__Work required__:
Beginning at the line containing "Topology: 1 solids, 1" and continuing to the end of the records below, give each line again exactly as it stands, and only those lines.

__Stored data__:
◇ ◇ ◇

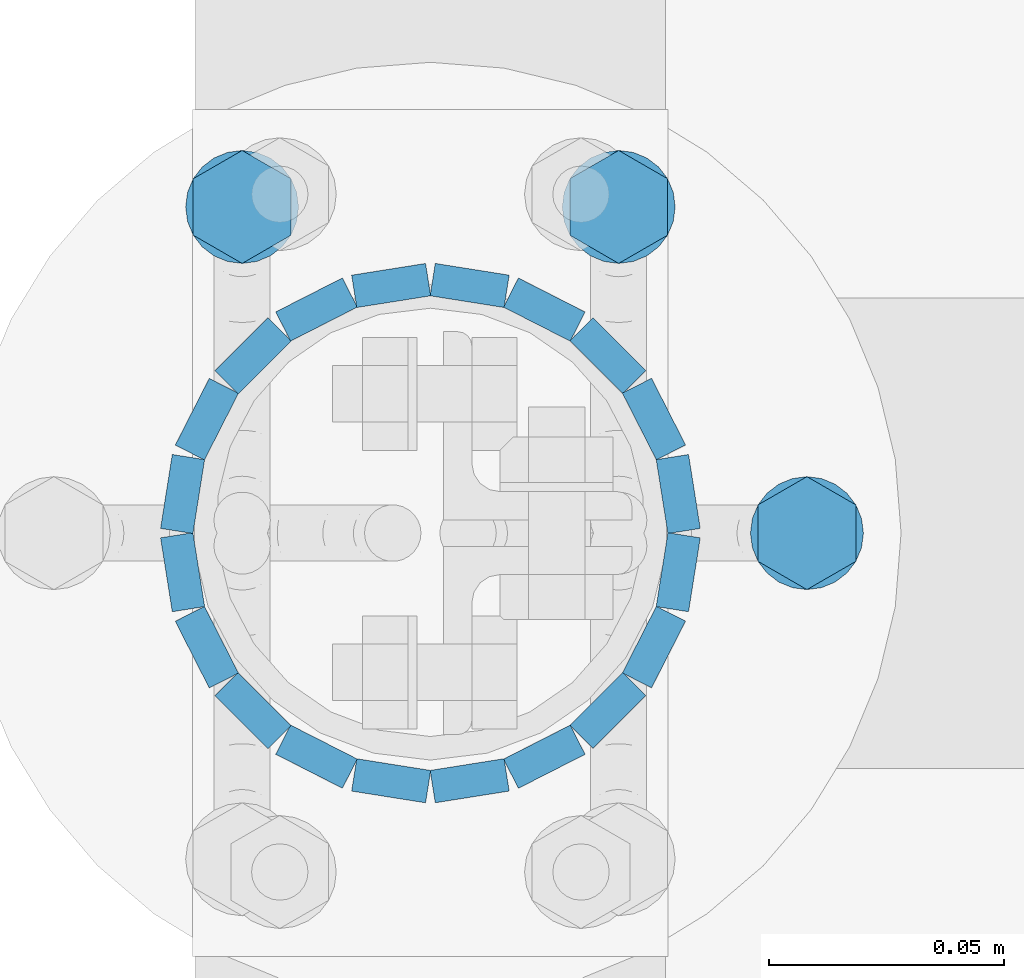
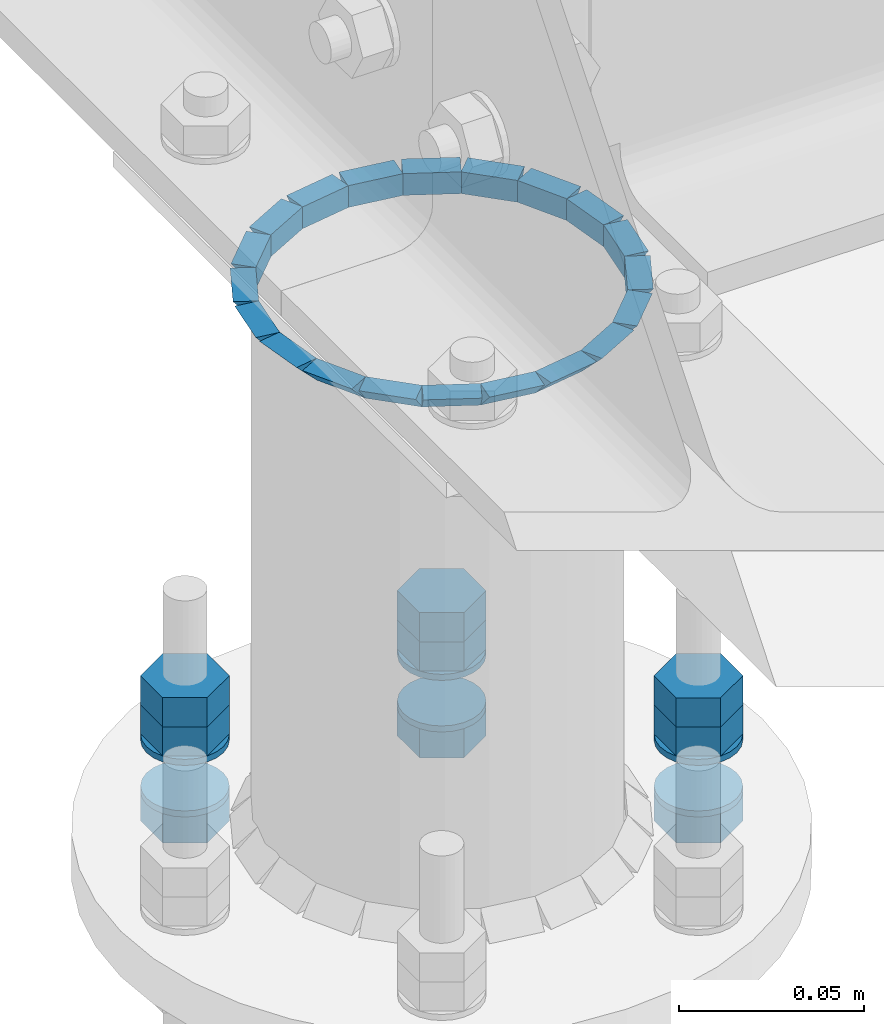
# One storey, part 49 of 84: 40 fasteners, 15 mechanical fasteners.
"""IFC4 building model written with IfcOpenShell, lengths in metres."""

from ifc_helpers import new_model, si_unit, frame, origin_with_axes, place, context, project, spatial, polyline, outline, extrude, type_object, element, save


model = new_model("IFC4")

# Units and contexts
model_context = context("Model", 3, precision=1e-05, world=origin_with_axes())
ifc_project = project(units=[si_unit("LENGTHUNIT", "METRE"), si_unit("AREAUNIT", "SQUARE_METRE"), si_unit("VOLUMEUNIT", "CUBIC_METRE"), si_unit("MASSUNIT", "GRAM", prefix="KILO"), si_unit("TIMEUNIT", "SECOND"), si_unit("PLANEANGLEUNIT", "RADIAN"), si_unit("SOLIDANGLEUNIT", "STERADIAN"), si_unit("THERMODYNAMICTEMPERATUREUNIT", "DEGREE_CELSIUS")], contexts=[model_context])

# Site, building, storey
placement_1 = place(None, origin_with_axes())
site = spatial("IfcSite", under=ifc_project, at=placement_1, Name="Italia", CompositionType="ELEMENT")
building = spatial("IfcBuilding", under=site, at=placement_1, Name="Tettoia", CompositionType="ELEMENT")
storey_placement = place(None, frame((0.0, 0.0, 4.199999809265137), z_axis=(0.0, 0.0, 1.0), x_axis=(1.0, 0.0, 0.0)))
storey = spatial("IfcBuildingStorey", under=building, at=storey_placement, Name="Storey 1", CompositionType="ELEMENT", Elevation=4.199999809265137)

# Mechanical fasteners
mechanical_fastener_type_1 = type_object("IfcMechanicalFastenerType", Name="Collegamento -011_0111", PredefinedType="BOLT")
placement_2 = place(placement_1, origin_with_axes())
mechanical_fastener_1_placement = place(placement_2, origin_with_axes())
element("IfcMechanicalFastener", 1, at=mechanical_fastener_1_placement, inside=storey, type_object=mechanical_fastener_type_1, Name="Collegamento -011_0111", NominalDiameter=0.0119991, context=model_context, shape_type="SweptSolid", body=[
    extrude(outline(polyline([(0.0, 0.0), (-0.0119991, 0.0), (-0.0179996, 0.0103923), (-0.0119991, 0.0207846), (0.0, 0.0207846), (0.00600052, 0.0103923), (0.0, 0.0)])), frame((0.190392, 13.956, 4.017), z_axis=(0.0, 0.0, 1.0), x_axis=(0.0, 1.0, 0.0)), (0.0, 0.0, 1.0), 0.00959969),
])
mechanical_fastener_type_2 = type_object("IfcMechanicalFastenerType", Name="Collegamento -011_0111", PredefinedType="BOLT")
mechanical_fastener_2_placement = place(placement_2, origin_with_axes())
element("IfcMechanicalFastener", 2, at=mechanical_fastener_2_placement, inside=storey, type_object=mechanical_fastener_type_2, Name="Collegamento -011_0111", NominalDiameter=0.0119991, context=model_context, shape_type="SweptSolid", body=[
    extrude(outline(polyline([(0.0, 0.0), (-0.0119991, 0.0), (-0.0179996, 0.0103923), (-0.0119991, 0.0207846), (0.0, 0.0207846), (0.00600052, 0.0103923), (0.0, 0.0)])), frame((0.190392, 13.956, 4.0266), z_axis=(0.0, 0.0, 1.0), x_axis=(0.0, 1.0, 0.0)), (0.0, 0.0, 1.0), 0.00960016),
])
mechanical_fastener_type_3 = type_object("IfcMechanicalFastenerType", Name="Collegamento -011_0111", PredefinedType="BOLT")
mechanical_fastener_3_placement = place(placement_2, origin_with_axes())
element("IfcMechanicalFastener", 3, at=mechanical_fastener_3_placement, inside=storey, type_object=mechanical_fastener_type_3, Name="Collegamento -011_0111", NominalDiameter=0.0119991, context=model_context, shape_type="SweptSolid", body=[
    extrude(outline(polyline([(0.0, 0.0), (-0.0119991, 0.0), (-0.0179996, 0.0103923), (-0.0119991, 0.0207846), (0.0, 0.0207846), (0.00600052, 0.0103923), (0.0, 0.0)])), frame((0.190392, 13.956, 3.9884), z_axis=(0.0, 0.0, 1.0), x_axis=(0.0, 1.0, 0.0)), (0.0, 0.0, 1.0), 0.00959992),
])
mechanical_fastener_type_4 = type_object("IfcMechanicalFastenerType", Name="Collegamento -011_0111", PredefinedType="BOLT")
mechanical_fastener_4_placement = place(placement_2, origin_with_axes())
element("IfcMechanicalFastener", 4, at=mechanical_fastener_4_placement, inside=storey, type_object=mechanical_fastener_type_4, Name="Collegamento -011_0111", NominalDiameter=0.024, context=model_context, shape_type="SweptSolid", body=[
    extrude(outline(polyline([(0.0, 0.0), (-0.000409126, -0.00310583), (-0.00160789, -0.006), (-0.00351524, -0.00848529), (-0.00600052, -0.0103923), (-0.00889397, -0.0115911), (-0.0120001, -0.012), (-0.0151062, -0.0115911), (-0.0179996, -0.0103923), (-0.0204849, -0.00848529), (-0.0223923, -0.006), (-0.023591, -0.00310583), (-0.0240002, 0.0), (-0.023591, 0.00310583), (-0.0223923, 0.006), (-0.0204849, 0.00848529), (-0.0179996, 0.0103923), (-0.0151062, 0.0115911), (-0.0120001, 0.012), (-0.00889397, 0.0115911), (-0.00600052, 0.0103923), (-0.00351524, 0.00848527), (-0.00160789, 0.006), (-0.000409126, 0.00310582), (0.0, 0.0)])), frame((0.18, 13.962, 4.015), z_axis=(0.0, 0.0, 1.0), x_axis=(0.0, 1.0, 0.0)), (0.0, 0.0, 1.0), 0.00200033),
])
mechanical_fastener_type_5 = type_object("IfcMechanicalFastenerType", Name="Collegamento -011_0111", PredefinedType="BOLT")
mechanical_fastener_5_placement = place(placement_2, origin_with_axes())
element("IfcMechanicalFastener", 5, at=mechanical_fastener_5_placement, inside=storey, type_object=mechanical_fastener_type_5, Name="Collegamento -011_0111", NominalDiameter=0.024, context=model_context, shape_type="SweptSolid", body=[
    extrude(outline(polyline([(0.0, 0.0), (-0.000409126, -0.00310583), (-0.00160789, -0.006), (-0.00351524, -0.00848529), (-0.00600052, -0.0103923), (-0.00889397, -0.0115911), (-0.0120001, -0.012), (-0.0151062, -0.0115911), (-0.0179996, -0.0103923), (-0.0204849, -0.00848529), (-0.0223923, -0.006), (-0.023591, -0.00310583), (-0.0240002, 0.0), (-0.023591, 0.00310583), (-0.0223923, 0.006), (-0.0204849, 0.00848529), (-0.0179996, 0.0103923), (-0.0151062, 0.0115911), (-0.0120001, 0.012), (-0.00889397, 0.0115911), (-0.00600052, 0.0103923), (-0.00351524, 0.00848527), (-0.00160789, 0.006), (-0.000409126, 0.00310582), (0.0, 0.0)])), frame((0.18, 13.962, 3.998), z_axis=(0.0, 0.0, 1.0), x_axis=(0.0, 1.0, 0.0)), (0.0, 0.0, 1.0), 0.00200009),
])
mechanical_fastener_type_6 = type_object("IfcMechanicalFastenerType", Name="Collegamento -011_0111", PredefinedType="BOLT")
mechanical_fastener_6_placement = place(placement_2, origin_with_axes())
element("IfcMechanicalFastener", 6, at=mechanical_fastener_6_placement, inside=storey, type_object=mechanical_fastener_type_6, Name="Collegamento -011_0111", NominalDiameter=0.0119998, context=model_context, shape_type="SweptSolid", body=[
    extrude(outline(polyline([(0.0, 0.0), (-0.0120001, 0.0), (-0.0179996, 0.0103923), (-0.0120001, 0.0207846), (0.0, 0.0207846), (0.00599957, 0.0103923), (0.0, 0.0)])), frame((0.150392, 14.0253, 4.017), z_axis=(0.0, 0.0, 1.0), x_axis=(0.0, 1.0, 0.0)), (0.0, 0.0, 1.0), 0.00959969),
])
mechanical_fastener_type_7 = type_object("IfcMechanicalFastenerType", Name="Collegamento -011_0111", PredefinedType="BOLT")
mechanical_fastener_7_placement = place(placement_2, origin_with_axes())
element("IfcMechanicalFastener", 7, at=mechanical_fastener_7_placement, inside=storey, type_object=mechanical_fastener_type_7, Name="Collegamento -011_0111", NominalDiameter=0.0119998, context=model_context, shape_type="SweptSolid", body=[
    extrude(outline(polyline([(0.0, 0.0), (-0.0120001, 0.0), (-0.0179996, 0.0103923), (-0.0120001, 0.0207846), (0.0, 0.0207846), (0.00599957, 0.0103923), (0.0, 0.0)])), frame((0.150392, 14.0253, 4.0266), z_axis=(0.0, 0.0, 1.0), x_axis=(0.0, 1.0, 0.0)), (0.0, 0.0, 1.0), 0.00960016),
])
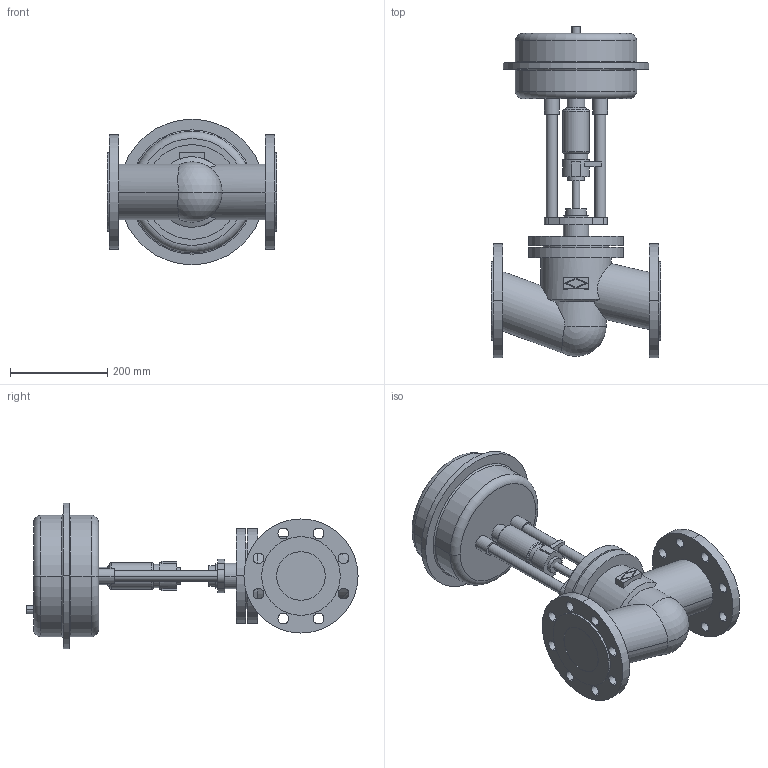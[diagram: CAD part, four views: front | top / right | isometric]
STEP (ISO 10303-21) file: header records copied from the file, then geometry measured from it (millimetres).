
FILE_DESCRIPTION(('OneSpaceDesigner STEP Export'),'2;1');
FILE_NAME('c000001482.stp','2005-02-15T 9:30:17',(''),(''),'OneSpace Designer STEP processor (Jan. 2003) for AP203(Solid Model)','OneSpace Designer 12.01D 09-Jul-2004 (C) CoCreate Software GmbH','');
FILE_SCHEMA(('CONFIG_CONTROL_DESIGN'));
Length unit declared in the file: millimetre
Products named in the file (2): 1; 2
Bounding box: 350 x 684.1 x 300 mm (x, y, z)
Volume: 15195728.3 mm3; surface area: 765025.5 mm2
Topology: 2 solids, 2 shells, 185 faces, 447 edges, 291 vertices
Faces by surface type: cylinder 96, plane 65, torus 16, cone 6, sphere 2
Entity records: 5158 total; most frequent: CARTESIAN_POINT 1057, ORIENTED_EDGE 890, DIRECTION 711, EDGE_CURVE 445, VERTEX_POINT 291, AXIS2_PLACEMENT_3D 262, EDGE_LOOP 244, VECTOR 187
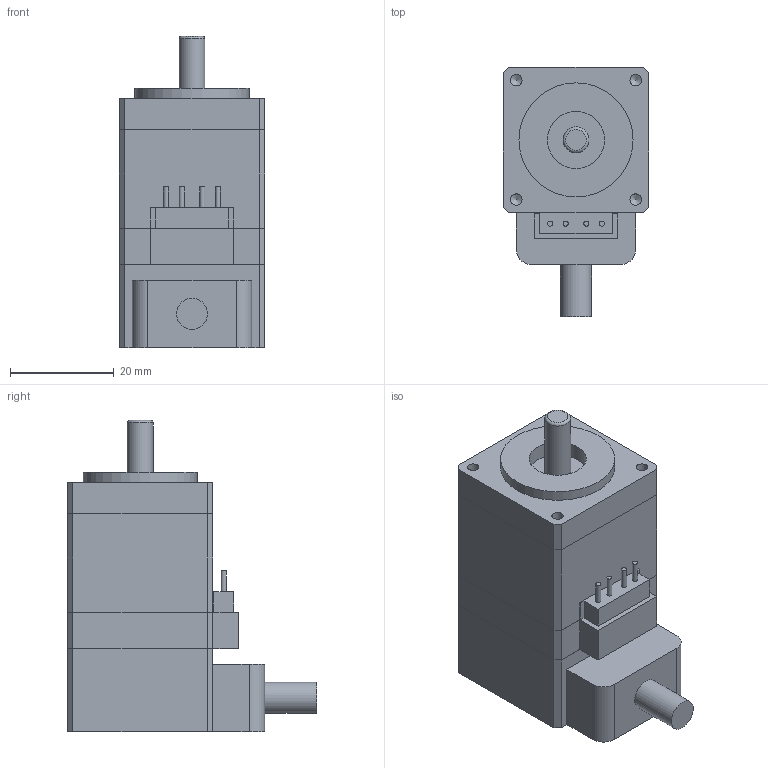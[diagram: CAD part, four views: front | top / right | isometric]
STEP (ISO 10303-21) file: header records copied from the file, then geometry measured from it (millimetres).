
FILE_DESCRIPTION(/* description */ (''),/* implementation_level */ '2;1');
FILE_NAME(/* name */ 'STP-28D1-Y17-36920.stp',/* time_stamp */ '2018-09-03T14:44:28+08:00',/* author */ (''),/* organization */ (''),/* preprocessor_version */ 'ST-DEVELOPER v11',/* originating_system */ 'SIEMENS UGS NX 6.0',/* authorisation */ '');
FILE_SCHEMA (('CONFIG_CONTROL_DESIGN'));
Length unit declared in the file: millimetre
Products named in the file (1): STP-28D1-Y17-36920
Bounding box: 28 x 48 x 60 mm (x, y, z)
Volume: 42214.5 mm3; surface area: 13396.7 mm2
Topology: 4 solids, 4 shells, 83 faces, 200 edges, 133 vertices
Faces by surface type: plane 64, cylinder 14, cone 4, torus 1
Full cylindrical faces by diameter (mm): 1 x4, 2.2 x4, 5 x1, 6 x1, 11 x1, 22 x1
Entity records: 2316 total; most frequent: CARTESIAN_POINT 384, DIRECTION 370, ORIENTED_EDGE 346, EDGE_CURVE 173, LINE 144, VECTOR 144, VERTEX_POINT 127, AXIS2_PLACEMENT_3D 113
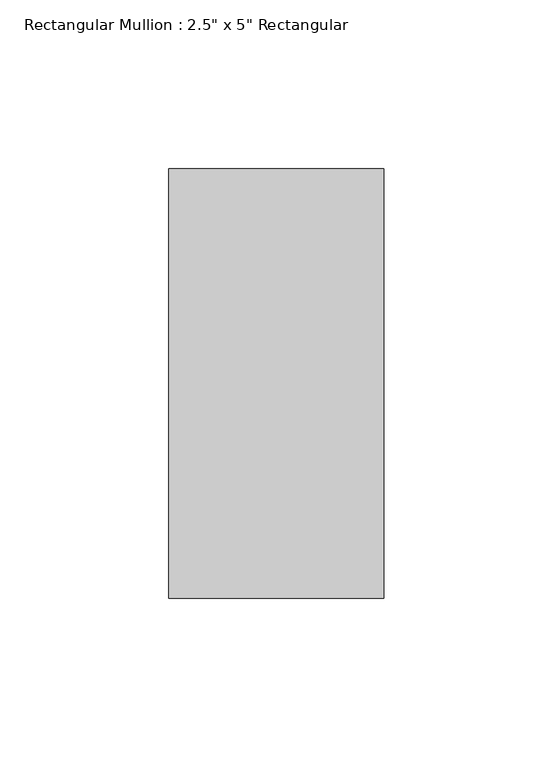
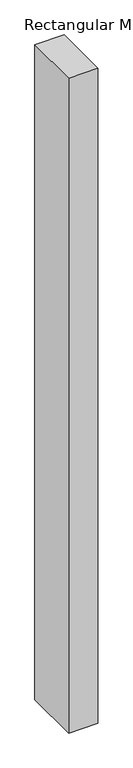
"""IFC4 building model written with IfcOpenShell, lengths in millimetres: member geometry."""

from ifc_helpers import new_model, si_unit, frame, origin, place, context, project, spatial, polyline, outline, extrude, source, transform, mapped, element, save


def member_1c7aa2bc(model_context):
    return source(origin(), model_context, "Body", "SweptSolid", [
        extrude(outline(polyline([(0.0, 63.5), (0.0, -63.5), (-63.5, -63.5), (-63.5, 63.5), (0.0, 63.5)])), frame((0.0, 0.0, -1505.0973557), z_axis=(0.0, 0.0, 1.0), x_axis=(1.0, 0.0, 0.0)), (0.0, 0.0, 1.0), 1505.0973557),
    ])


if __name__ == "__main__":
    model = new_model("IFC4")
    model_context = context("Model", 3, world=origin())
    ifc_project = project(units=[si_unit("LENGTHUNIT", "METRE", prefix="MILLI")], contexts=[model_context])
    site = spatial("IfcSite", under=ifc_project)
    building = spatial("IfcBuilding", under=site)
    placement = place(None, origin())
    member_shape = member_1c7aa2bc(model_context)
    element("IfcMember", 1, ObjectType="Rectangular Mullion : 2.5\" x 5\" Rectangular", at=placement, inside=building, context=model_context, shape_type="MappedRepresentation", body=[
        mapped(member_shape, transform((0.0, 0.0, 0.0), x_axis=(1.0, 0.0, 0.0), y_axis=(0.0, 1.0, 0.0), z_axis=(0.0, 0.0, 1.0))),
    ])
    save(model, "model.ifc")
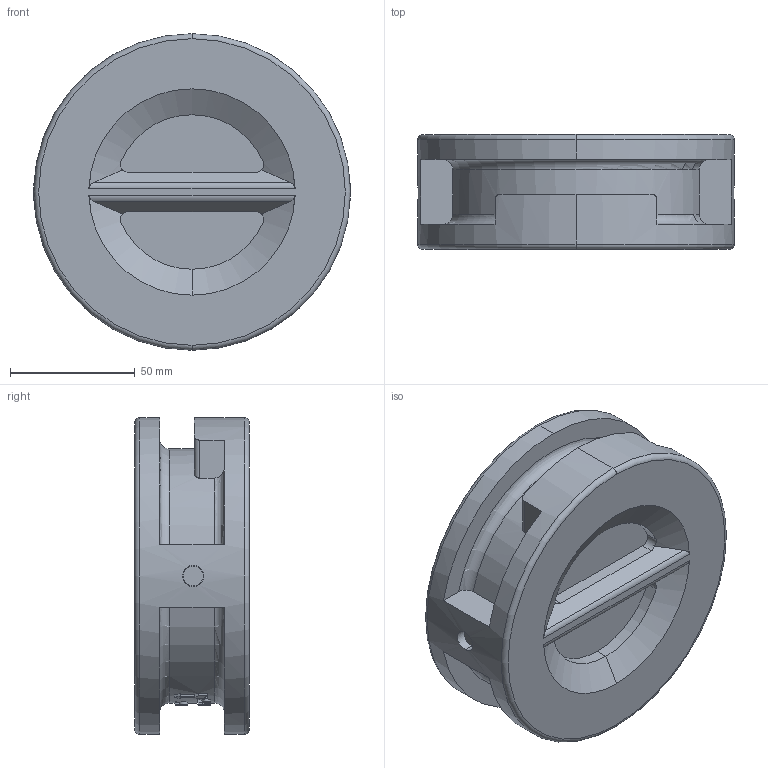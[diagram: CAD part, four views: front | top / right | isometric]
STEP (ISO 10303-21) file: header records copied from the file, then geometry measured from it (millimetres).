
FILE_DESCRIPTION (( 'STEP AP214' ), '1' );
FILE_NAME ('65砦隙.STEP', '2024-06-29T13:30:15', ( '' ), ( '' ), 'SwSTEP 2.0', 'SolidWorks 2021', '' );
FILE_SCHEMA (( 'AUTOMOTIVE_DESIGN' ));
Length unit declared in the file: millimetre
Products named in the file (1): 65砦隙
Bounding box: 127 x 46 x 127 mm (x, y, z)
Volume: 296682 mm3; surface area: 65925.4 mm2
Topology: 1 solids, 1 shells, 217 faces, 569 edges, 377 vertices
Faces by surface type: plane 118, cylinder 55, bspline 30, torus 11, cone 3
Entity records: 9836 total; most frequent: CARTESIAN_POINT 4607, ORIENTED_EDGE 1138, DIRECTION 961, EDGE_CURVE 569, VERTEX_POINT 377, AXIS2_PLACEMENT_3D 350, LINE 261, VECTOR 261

◇ ◇ ◇

__Finished task__:
Topology: 1 solids, 1 shells, 217 faces, 569 edges, 377 vertices
Faces by surface type: plane 118, cylinder 55, bspline 30, torus 11, cone 3
Entity records: 9836 total; most frequent: CARTESIAN_POINT 4607, ORIENTED_EDGE 1138, DIRECTION 961, EDGE_CURVE 569, VERTEX_POINT 377, AXIS2_PLACEMENT_3D 350, LINE 261, VECTOR 261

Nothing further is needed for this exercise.